I believe on post '03 cars the Aerotwins were std ??? :? Prior to that the standard 'retro' blades were used ?? I know the Bosch German site has some info about the retro-fit blades but I don`t think they have released any in the UK yet ??

Will see how they look and perform when fitted..and post some pics.
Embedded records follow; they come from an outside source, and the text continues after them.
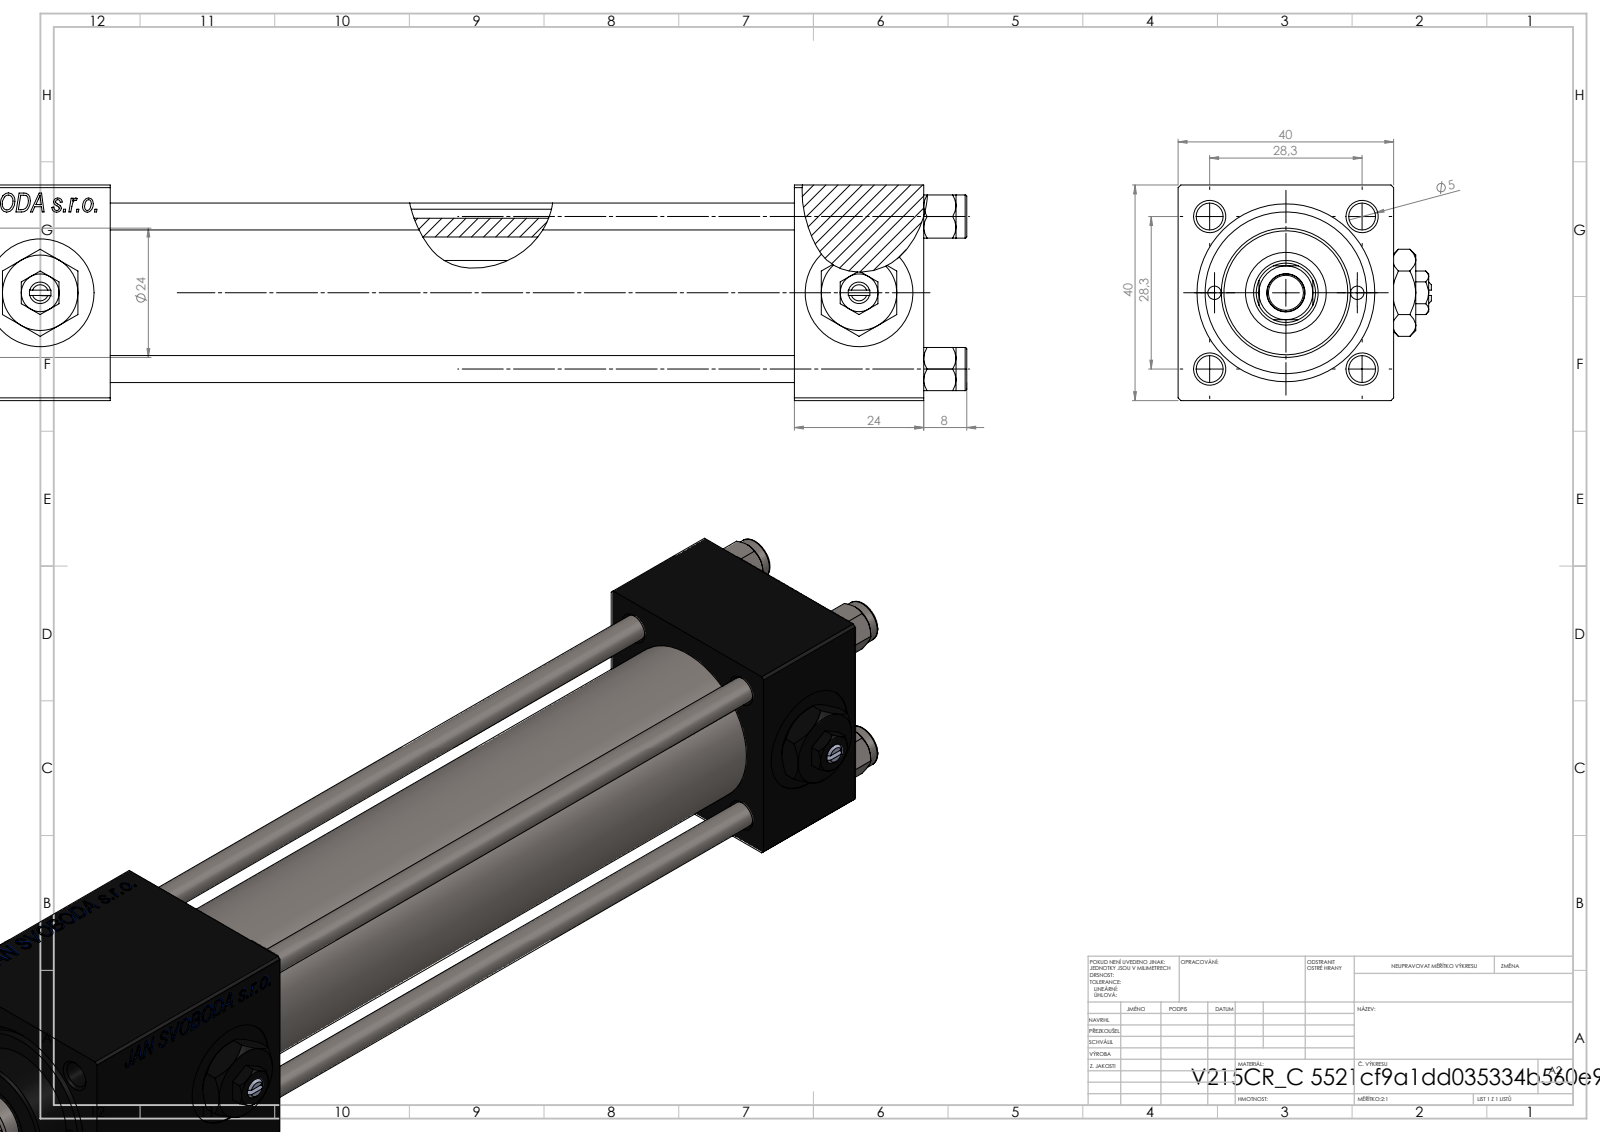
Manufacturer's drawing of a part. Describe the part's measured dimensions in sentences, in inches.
The part is named "V215_VC_A; V215CR_C_Body; V215CR_C_TYCINKA; NUT_M5_C (+2 more)". Its 3-D file was written by "SolidWorks 2019 (CONFIG_CONTROL_DESIGN)". It is 13 solids with 1254 faces: 574 planar, 102 cylindrical and 578 other. Overall it measures 8.74 by 1.85 by 1.575 inches. Its volume is 10.82 cubic inches and its surface area 121.5 square inches. Round holes: 4 of diameter 0.197, 3 of diameter 0.787, 2 of diameter 0.098, 2 of diameter 0.276, 2 of diameter 0.518, 1 of diameter 0.256, 1 of diameter 0.472, 1 of diameter 0.591, 1 of diameter 0.984, 1 of diameter 1.181. Round bosses or shafts: 4 of diameter 0.315, 1 of diameter 1.22, 1 of diameter 0.945. Partial cylindrical surfaces (rounded edges, fillets, slot ends): 1 of radius 0.217. The main face-to-face distances are 1.575, 0.945, 1.567, 6.705, 5.76, 1.89, 5.945, 5, 0.76, 6.89. The hole center spacings are 0.558, 0.788, 1.114, 1.214, 0.522, 1.576, 1.043, 5.984.
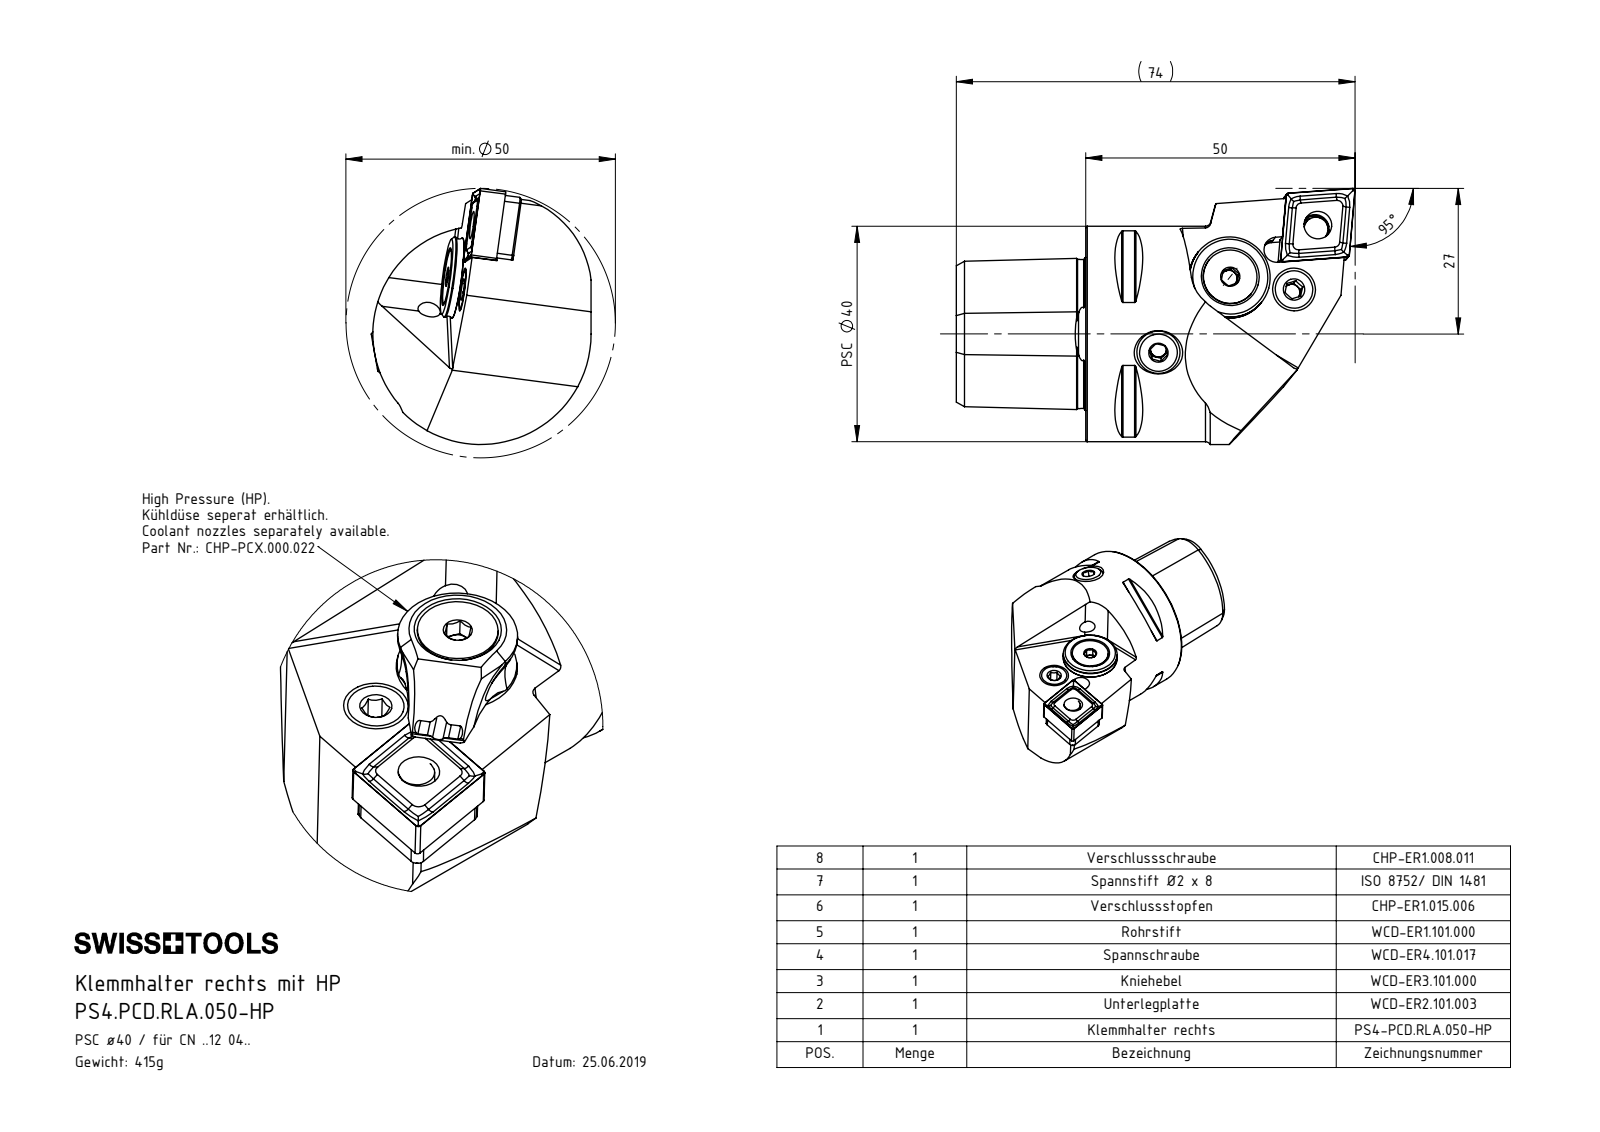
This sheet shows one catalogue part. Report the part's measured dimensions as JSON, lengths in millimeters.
{"part_name": "DIN 3771 - 13x1; WCD-ER3.101.000_A; CHP-ER1.015.006_A; CNMG120404 (+8 more)", "step_written_by": "SolidWorks 2017 (AUTOMOTIVE_DESIGN)", "units": "millimeters", "bodies": {"solids": 11, "faces": 460, "planar": 134, "cylindrical": 116, "other": 210}, "overall_size": [74, 47.5, 40.8], "volume_mm3": 52401, "surface_area_mm2": 17601, "round_holes": [[4.2, 3], [7, 2], [1.2, 1], [2, 1], [2.5, 1], [3, 1], [4, 1], [4.6, 1], [5, 1], [5.16, 1], [5.2, 1], [6.4, 1]], "round_bosses_or_shafts": [[8, 2], [40, 1], [15, 1], [13.4, 1], [10, 1], [7.9, 1], [6.4, 1], [5.5, 1]], "partial_cylinders_radius": [[0.3, 8], [0.4, 4], [1, 4], [0.5, 2], [2.5, 2], [2.1, 1], [2.2, 1], [2.35, 1]], "face_to_face_distances": [4.5, 4.45, 24, 3.13, 3.18, 7.63, 0.31, 15.52, 12.7, 11.8], "hole_center_spacings": [4.51, 4.5, 4.53, 12.27, 12.29, 12.59, 12.6, 12.8]}
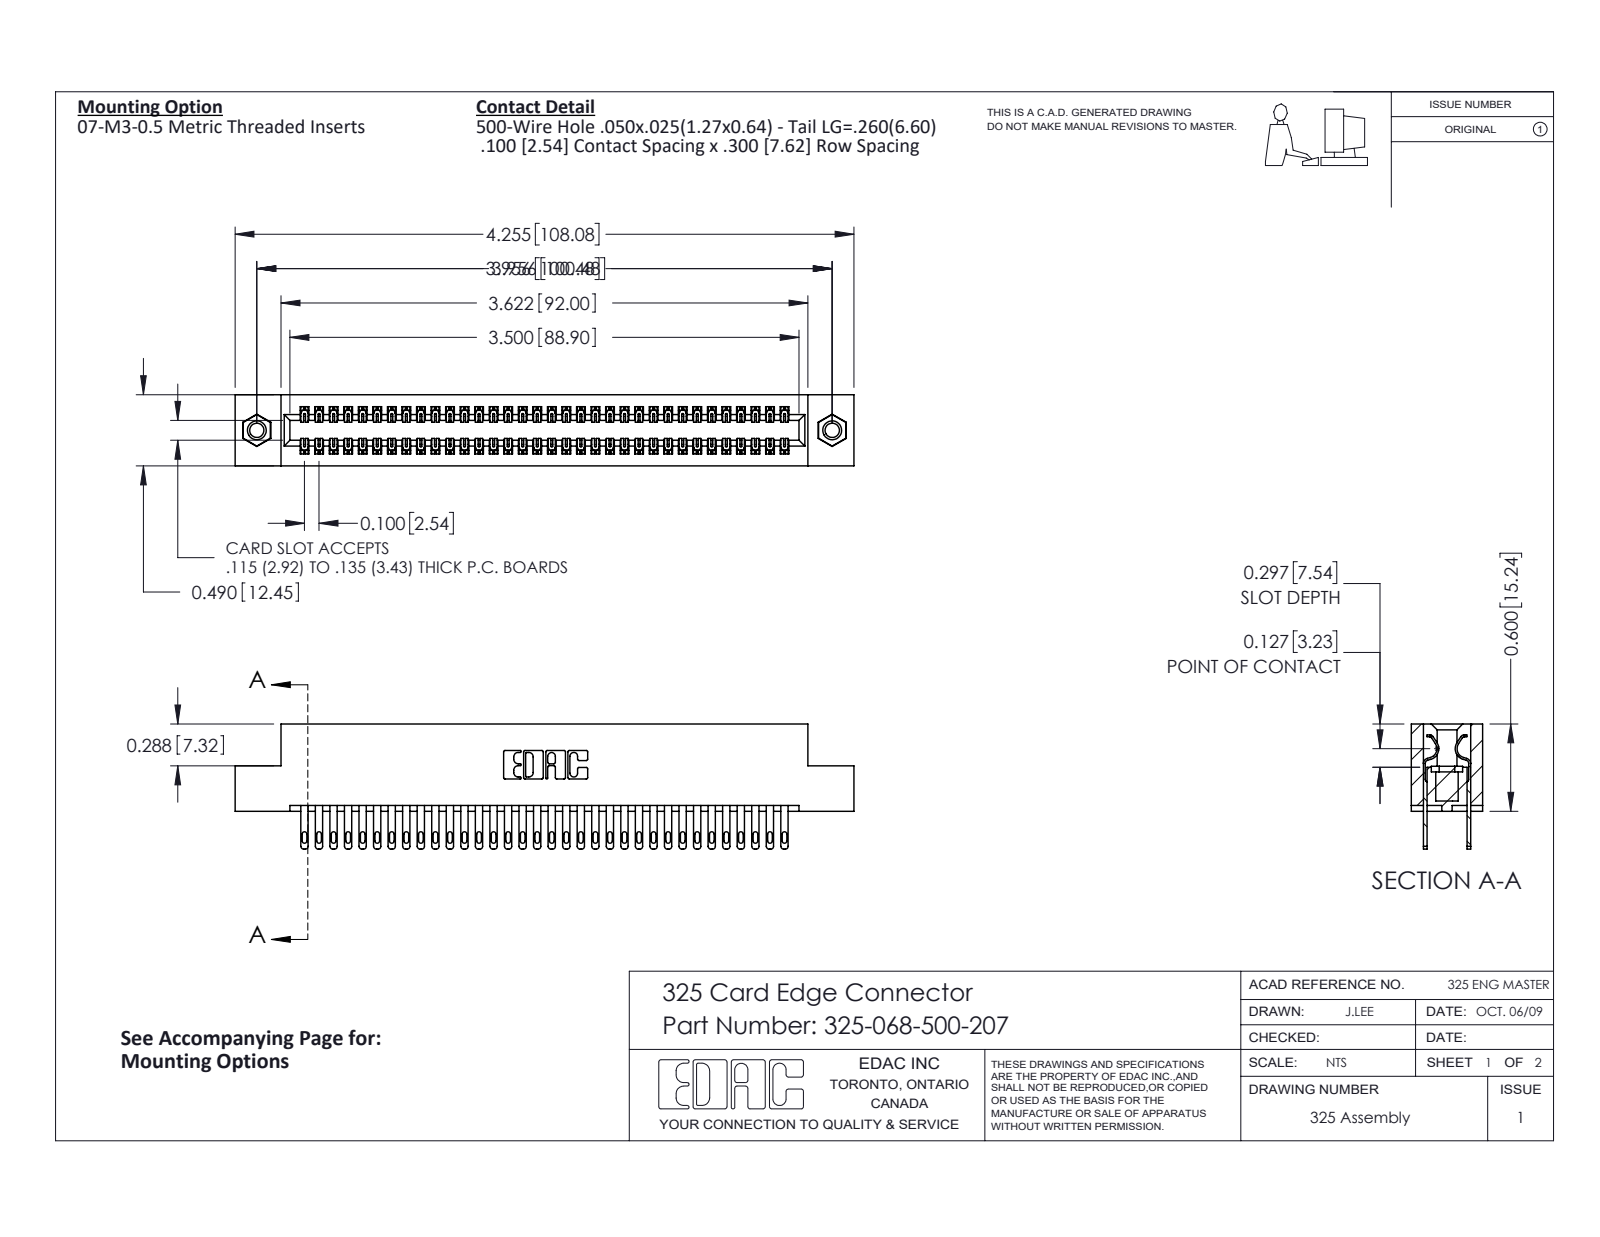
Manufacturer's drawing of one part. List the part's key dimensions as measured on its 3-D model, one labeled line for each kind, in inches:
Part name (STEP PRODUCT): 325-068-500-207; 345-250-001_345-250-005-103; 325 Part_TI; 325-292-001_325-293-100
STEP written by: SolidWorks 2016 (CONFIG_CONTROL_DESIGN)
Units: inches
Bodies: 71 solids, 3438 faces (2142 planar, 1280 cylindrical, 16 other)
Overall size (bounding box): 4.255 × 0.86 × 0.49
Volume: 0.859 in³ · Surface area: 27.25 in²
Round holes (diameter × count): ⌀0.098 ×2, ⌀0.125 ×2, ⌀0.16 ×2
Round bosses / shafts (diameter × count): ⌀0.155 ×2
Partial cylindrical surfaces — rounded edges, fillets, slot ends (radius × count): R0.006 ×102, R0.016 ×68, R0.02 ×68, R0.01 ×22, R0.007 ×6, R0.031 ×6, R0.026 ×3, R0.014 ×2
Main face-to-face distances: 0.083, 0.407, 0.3, 0.107, 0.383, 0.025, 0.49, 0.325, 0.275, 0.04
Hole centre spacings: 3.956

If the quality is good then I`m happy! [smiley=dude.gif]


----------



## saint (Dec 6, 2002)

Are the Bosch ones not about Â£40 to buy - therefore would it not be better to go for those rather than an amalgam of two types of wipers?


----------



## Top_Gun (Feb 5, 2006)

saint said:


> Are the Bosch ones not about Â£40 to buy - therefore would it not be better to go for those rather than an amalgam of two types of wipers?


I don`t think you can get them for less than Â£80 as you need to buy new wiper arms as well... ?? :?

These were Â£17.99 and free shipping so I thought it wasn`t much to lose as my wipers were due a change anyway.... :roll:


----------



## saint (Dec 6, 2002)

Does the retrofit not eliminate the need for the arms hence why Bosch have made them available as retros?


----------



## Top_Gun (Feb 5, 2006)

That was my dilemma for the past few weeks that Bosch haven`t released retrofit Aerotwin wipers blades in the UK yet.... unless you have found anyone that can supply these ??? The Bosch german website says these were due to be released last year or something but no sign of these in the UK  So if you want Bosch Aerotwins..you need to change the wiper arms too...

The ones on eBay I found were via a company called http://www.1stautobulbs.com and the blade was named as the Classic 'Fusion' RetroFit Flatblade Wipers... :lol:

Will see how good they look and perform when I get them!


----------



## ianmackem (Jan 8, 2006)

Im gonna order some and see what they are like


----------



## elrao (Apr 19, 2005)

Let us know what they are like, my blades need changing and was considering the Â£80 upgrade, but if these are good enough for Â£18 then I am sold!


----------



## Top_Gun (Feb 5, 2006)

Spoke to Chris Clark, eCommerce manager at Randstad Ltd this am.. Really nice guy. He has offered a 10% discount to TT Forum and TTOC members across the whole range of products on their website.

http://www.1stautobulbs.com/

Discount code is: *AudiTT*

Feel free to give Chris an email: [email protected] or call directly on: 01670 706 985 for any queries.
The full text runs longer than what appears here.